• INSTRUCTIONS TO FOLLOW:
If a line in the entries below includes the string "blocks", copy it out.

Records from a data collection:
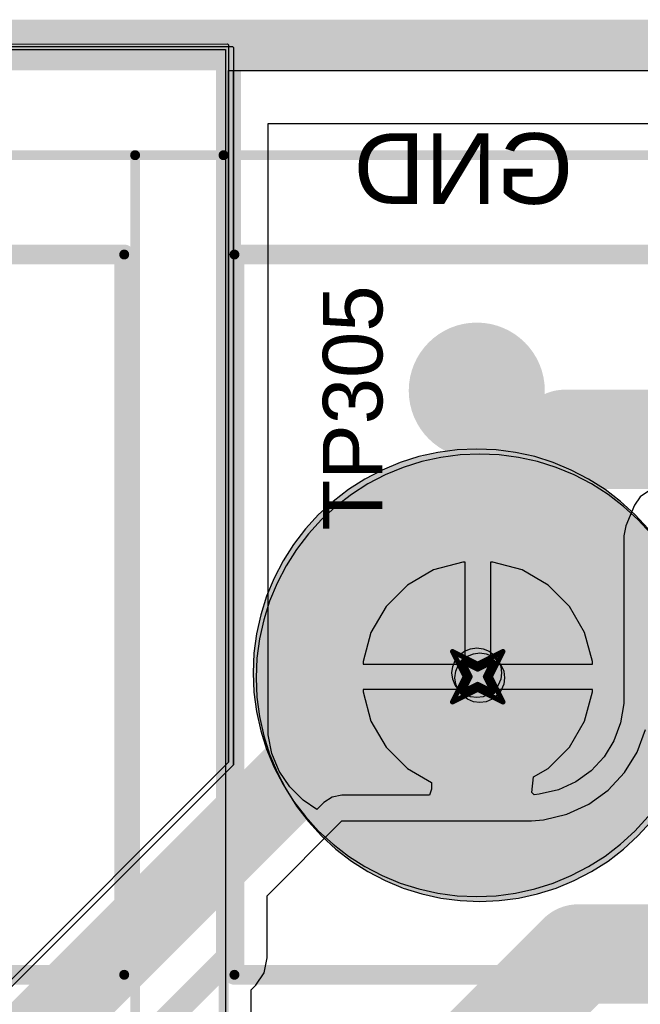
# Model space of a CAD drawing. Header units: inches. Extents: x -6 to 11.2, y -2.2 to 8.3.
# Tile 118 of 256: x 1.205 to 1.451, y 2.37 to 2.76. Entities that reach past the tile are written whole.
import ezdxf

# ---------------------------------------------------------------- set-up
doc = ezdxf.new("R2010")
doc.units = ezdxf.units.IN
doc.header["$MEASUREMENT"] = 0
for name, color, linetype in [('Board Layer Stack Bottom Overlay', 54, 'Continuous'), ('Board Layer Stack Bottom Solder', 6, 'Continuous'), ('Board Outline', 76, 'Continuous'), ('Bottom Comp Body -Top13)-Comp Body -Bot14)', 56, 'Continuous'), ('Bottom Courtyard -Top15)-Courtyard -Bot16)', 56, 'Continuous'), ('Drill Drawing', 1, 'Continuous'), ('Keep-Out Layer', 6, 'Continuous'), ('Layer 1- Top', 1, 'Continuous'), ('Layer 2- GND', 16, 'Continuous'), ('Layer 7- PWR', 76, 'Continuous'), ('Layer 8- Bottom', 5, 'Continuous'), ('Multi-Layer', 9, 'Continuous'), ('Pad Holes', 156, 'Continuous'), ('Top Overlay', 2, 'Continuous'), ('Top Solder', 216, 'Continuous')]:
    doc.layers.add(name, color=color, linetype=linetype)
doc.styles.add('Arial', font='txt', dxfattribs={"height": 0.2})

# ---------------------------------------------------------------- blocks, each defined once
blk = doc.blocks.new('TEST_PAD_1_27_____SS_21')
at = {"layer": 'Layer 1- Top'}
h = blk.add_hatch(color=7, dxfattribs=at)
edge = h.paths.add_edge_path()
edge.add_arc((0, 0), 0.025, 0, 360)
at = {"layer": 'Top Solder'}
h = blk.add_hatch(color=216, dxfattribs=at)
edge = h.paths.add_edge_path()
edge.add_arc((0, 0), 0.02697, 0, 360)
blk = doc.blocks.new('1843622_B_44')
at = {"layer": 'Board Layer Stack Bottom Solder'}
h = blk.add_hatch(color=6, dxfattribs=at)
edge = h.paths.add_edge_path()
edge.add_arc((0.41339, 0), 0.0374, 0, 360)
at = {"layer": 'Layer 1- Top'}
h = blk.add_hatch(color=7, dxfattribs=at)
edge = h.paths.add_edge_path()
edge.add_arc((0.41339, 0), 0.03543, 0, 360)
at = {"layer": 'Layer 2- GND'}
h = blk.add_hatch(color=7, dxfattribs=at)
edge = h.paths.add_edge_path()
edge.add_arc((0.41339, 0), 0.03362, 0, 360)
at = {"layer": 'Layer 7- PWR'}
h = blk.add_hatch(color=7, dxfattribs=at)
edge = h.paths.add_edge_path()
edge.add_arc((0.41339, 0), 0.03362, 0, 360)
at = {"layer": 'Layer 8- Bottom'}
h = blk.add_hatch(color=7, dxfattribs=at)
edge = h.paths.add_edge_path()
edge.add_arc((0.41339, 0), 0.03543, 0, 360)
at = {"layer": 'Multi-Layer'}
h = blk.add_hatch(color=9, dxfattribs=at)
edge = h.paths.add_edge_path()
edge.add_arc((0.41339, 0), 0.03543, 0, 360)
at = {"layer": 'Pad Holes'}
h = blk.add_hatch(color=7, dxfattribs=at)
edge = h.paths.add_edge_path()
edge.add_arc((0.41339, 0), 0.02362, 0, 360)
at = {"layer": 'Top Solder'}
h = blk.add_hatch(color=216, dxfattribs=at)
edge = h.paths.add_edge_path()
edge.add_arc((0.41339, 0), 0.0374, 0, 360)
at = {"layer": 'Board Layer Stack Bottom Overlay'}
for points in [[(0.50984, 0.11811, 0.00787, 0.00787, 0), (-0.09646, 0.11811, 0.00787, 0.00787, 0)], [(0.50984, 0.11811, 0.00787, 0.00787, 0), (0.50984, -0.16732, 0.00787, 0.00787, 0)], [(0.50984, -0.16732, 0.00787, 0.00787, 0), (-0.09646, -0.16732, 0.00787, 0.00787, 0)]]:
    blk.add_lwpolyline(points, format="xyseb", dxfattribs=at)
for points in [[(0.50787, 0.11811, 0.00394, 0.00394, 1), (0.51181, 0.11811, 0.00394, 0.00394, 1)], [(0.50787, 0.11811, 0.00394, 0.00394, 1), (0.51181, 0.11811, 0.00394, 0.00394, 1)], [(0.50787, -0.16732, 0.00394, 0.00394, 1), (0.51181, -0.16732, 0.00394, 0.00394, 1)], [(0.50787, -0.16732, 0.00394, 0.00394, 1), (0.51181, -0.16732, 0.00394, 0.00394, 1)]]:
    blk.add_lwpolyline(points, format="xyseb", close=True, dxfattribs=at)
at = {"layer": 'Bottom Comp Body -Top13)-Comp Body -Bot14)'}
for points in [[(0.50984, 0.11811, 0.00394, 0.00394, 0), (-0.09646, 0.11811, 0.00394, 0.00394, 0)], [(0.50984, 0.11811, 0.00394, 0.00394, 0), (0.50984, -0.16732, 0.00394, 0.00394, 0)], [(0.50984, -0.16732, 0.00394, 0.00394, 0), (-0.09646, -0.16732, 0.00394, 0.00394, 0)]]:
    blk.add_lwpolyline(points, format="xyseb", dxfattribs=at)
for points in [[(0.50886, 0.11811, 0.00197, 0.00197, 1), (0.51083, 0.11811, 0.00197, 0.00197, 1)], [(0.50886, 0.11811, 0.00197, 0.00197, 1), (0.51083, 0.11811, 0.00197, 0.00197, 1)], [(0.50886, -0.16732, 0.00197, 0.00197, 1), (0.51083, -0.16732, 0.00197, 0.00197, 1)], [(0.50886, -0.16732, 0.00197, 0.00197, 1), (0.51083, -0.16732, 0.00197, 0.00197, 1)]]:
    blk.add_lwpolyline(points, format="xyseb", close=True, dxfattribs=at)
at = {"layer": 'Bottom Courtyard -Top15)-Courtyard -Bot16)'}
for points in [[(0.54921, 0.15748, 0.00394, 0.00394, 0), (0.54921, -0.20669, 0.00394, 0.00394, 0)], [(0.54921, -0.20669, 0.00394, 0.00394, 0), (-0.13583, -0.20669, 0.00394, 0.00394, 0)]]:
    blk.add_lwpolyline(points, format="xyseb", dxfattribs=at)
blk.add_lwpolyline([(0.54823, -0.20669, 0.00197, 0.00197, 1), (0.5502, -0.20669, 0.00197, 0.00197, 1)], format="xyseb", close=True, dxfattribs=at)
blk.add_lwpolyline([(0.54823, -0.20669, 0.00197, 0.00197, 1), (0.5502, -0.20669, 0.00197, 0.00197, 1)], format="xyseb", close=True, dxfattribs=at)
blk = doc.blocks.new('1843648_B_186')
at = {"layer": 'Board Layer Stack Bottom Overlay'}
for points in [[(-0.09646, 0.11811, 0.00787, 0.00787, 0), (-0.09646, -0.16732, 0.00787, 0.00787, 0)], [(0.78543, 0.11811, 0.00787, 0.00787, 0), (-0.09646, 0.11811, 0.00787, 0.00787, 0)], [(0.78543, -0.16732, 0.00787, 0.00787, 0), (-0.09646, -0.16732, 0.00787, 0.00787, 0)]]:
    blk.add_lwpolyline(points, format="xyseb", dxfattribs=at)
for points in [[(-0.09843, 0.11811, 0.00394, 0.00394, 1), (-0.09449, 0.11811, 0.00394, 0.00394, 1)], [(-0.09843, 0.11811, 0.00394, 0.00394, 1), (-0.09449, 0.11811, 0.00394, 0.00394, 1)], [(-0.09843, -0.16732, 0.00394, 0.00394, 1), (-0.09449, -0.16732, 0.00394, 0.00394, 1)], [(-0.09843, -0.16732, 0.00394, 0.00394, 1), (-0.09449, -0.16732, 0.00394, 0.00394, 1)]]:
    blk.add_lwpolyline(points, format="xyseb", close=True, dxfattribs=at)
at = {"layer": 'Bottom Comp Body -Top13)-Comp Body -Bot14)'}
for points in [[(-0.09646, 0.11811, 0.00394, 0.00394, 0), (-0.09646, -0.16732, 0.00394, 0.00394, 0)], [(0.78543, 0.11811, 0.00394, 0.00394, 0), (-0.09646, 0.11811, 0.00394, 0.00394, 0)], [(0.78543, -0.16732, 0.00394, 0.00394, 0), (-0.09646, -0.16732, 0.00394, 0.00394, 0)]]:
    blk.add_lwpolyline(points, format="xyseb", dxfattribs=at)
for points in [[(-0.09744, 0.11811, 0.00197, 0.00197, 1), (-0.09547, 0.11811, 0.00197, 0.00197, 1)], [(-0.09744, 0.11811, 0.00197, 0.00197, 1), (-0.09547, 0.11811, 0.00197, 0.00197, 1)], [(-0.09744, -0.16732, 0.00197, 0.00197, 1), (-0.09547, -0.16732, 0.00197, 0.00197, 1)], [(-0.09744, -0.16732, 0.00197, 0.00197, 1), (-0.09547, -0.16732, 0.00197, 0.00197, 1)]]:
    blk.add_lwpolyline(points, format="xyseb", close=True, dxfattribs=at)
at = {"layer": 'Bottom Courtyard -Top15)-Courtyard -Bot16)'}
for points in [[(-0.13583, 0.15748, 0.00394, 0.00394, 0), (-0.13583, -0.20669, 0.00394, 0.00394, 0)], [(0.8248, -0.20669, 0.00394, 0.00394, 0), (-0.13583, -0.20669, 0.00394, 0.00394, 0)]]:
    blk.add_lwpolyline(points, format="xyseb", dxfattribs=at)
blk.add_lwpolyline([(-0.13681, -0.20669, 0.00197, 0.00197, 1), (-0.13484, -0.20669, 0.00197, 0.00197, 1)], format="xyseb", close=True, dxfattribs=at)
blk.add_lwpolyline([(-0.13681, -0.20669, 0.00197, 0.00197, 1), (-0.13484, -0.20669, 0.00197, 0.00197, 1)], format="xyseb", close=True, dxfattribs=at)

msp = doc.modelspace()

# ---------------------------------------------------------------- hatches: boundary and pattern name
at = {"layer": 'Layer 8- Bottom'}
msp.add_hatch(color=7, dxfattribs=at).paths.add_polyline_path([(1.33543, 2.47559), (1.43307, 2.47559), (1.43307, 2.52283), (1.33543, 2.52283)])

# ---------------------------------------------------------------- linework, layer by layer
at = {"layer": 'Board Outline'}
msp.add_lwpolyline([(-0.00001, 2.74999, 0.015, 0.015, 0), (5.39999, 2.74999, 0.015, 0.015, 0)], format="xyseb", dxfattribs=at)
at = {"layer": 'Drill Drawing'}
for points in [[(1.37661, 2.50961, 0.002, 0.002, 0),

• WRITTEN ANSWER:
# ---------------------------------------------------------------- blocks, each defined once
blk = doc.blocks.new('TEST_PAD_1_27_____SS_21')
blk = doc.blocks.new('1843622_B_44')
blk = doc.blocks.new('1843648_B_186')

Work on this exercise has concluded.